Some Do's and Don'ts
As you progress through the negotiations, consider these "do's and don'ts":

Do's:

  1. Manage time, leverage (power), information, and their changes, before negotiations and throughout the process.
  2. Minimize pressure on your side. All parties are under pressure to make a deal. Generally, the side under the most pressure does the worst.
  3. Remember that the location and method of negotiating (where and how) can make a big difference in the process and outcome of the negotiations.
  4. "Keep your eye on the ball" -- keep track of the project's objectives, while maintaining the ability to walk away from negotiations.
  5. Keep track of concessions. The movement of concessions equals negotiation progress. Pay attention to progress made, not just the remaining differences.
  6. "Know your stuff" - know the facts and issues. Assemble a team with professionals who can address the project's business, operational, financial, tax, and real estate/construction facets.
  7. Stay alert to new or changed information, and adapt to it.
  8. Conclude negotiations in a way that the other side(s) would want to deal with each other again. This is critical if the company is contemplating a future expansion in that community.
  9. Congratulate the other side upon the conclusion of the negotiations, even if your company got its way.
  10. Give the other side good reason to believe that your side will uphold the deal. Negotiating teams need to be credible and trustworthy. Word gets around about how a company and a community conduct themselves. These traits will affect a company's and community's efforts to attract and retain a workforce and a company, respectively.
Don'ts:
  1. Don't gloat about results or what the other side's results could have been. You have nothing to gain.
  2. Don't assume all parties want the same thing. Help the other side get what it really wants.
  3. Don't disclose your time constraints, deadlines, or pressures, unless there is a compelling reason.
  4. Don't unnecessarily narrow your company's negotiating range or flexibility.
  5. Don't narrow the negotiation to one issue.
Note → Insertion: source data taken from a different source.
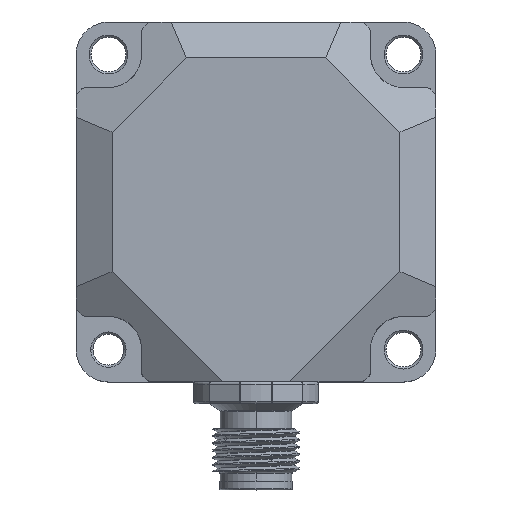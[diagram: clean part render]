
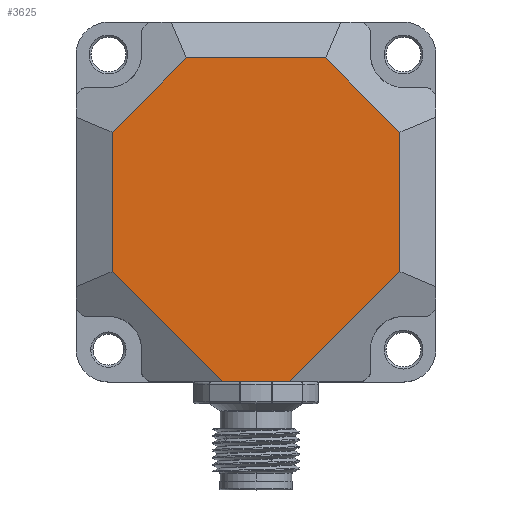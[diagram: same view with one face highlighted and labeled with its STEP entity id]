
A CAD part, top view. The second image highlights one B-rep face of the part: STEP entity #3625.
In plain terms, the highlighted planar face has unit normal (0, 0, 1).
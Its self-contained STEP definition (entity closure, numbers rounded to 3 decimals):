
#303=DIRECTION('',(0.,-1.,0.));
#304=VECTOR('',#303,19.397);
#305=CARTESIAN_POINT('',(-20.,9.698,19.5));
#306=LINE('',#305,#304);
#307=DIRECTION('',(0.707,0.707,0.));
#308=VECTOR('',#307,14.569);
#309=CARTESIAN_POINT('',(-20.,9.698,19.5));
#310=LINE('',#309,#308);
#311=DIRECTION('',(-1.,0.,0.));
#312=VECTOR('',#311,19.397);
#313=CARTESIAN_POINT('',(9.698,20.,19.5));
#314=LINE('',#313,#312);
#315=DIRECTION('',(-0.707,0.707,0.));
#316=VECTOR('',#315,14.569);
#317=CARTESIAN_POINT('',(20.,9.698,19.5));
#318=LINE('',#317,#316);
#319=DIRECTION('',(0.,1.,0.));
#320=VECTOR('',#319,19.397);
#321=CARTESIAN_POINT('',(20.,-9.698,19.5));
#322=LINE('',#321,#320);
#323=DIRECTION('',(-0.707,-0.707,0.));
#324=VECTOR('',#323,21.64);
#325=CARTESIAN_POINT('',(20.,-9.698,19.5));
#326=LINE('',#325,#324);
#327=DIRECTION('',(1.,0.,0.));
#328=VECTOR('',#327,9.397);
#329=CARTESIAN_POINT('',(-4.698,-25.,19.5));
#330=LINE('',#329,#328);
#331=DIRECTION('',(0.707,-0.707,0.));
#332=VECTOR('',#331,21.64);
#333=CARTESIAN_POINT('',(-20.,-9.698,19.5));
#334=LINE('',#333,#332);
#3264=CARTESIAN_POINT('',(-4.698,-25.,19.5));
#3265=CARTESIAN_POINT('',(4.698,-25.,19.5));
#3266=VERTEX_POINT('',#3264);
#3267=VERTEX_POINT('',#3265);
#3268=CARTESIAN_POINT('',(-20.,-9.698,19.5));
#3270=VERTEX_POINT('',#3268);
#3274=CARTESIAN_POINT('',(-20.,9.698,19.5));
#3275=VERTEX_POINT('',#3274);
#3276=CARTESIAN_POINT('',(-9.698,20.,19.5));
#3277=VERTEX_POINT('',#3276);
#3282=CARTESIAN_POINT('',(9.698,20.,19.5));
#3283=VERTEX_POINT('',#3282);
#3284=CARTESIAN_POINT('',(20.,9.698,19.5));
#3286=VERTEX_POINT('',#3284);
#3290=CARTESIAN_POINT('',(20.,-9.698,19.5));
#3291=VERTEX_POINT('',#3290);
#3606=CARTESIAN_POINT('',(0.,0.,19.5));
#3607=DIRECTION('',(0.,0.,1.));
#3608=DIRECTION('',(1.,0.,0.));
#3609=AXIS2_PLACEMENT_3D('',#3606,#3607,#3608);
#3610=PLANE('',#3609);
#3611=ORIENTED_EDGE('',*,*,#3568,.F.);
#3612=ORIENTED_EDGE('',*,*,#3553,.T.);
#3613=ORIENTED_EDGE('',*,*,#3519,.F.);
#3615=ORIENTED_EDGE('',*,*,#3614,.F.);
#3617=ORIENTED_EDGE('',*,*,#3616,.F.);
#3619=ORIENTED_EDGE('',*,*,#3618,.T.);
#3621=ORIENTED_EDGE('',*,*,#3620,.F.);
#3622=ORIENTED_EDGE('',*,*,#3579,.F.);
#3623=EDGE_LOOP('',(#3611,#3612,#3613,#3615,#3617,#3619,#3621,#3622));
#3624=FACE_OUTER_BOUND('',#3623,.F.);
#3519=EDGE_CURVE('',#3283,#3277,#314,.T.);
#3553=EDGE_CURVE('',#3275,#3277,#310,.T.);
#3568=EDGE_CURVE('',#3275,#3270,#306,.T.);
#3579=EDGE_CURVE('',#3270,#3266,#334,.T.);
#3614=EDGE_CURVE('',#3286,#3283,#318,.T.);
#3616=EDGE_CURVE('',#3291,#3286,#322,.T.);
#3618=EDGE_CURVE('',#3291,#3267,#326,.T.);
#3620=EDGE_CURVE('',#3266,#3267,#330,.T.);
#3625=ADVANCED_FACE('',(#3624),#3610,.T.);

If you do, then there will be at least one loser & at least one winner.
  6. Don't let your company's team become emotionally involved in the project.
  7. Don't become greedy.
  8. Don't blow a big deal over a little issue or request.
  9. Don't leave the details until "later" or you may find that your company or community has no deal at all.
  10. Don't over-analyze the substance of the other side's verbal and nonverbal communications. Rather, the changes in them are the key.

Conclusion
Successful capital investment in a business operation or facility requires an understanding of the transaction and location choices, the differences in those choices, and the substantive issues: operational; financial; workforce; location and site suitability; infrastructure and utilities; community attitude toward business; community development plans, patterns, and trends; start-up and operating costs; and taxes (whether imposed on the capital investment itself or the ongoing operations). Within that context and not treated as a separate deal, incentives can help resolve those issues and optimize the return on that investment to the company and community. Remember, the only valuable incentives are useful incentives, as determined in the context of the project's start-up and business operations.